Teva admits making false claims about contraceptive
WAYNE, N.J. Teva Pharmaceutical Industries admitted before a federal court Thursday to making false statements about the generic oral contraceptive Gianvi (drospirenone and ethinyl estradiol), a generic version of Bayer HealthCare Pharmaceuticals’ Yaz.
Bayer had sued Teva in the U.S. District Court for the Northern District of Illinois for false advertising and patent infringement, accusing the world’s largest generic drug maker of falsely claiming in Gianvi’s prescribing information that the ethinyl estradiol uses the chemical beta-cyclodextrin as a “clathrate” to stablize it and prolong its shelf life, a patented Bayer technology. In its lawsuit, Bayer said an analysis of Gianvi found it did not use beta-cyclodextrin as a clathrate.
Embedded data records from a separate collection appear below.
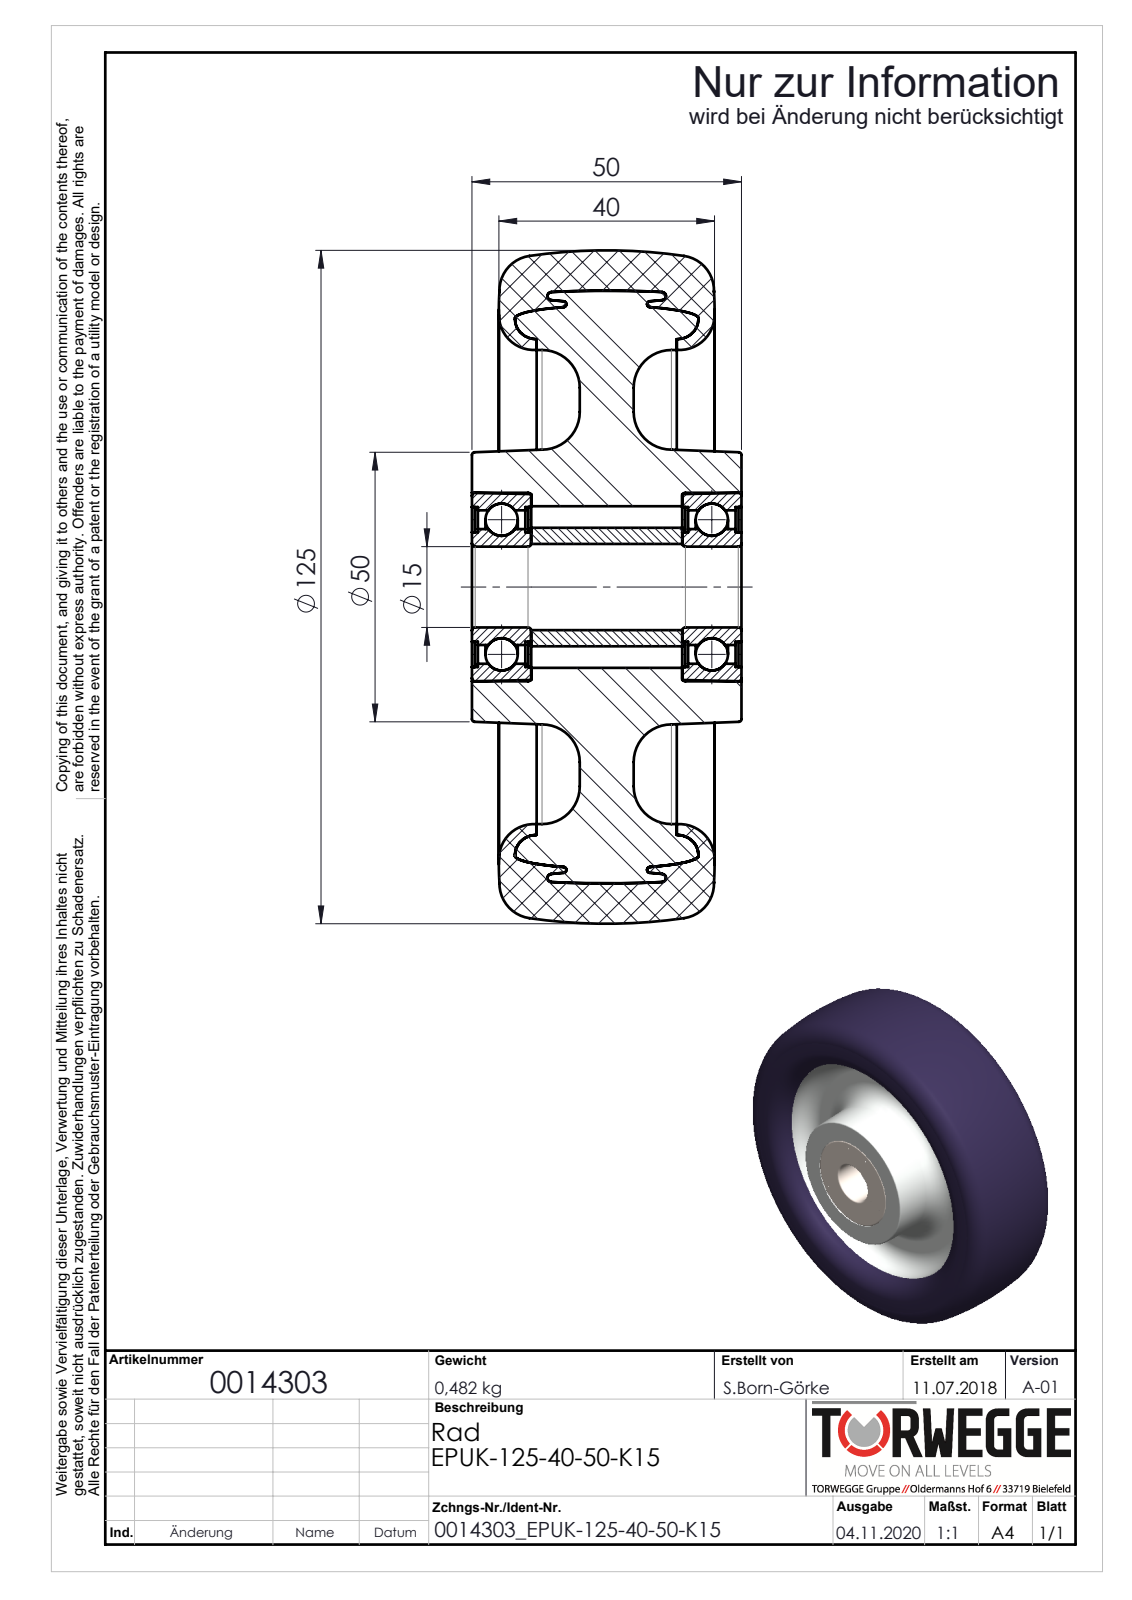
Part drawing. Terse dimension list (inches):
name: 0014303
written by: SolidWorks 2018 (AUTOMOTIVE_DESIGN)
unit: in
bodies: 12 solids, 286 faces (66 planar, 78 cylindrical, 142 other)
size: 4.921 × 4.921 × 1.969
volume: 21.77 in³; area: 110 in²
holes: 1× ⌀0.591, 1× ⌀0.63, 1× ⌀0.799, 1× ⌀1.121, 1× ⌀1.169, 1× ⌀1.181, 1× ⌀3.465
bosses: 1× ⌀2.008, 1× ⌀1.378, 1× ⌀0.866, 1× ⌀0.847
rounds: 1× R2.047
face distances: 1.535, 0.787, 1.181, 0.022, 0.433, 0.354, 0.748, 1.969, 0.411, 0.39

Teva said it would rectify the situation by sending weekly e-mails and faxes to pharmacists throughout the United States for three months that contain corrected prescribing information and had already provided the corrected information to the Food and Drug Administration. It also agreed not to ship any more Gianvi products containing any material claiming that the drug uses beta-cyclodextrin as a clathrate.
Teva received FDA approval for its version of the drug on June 1. Yaz had $782 million in sales in 2009, according to IMS Health.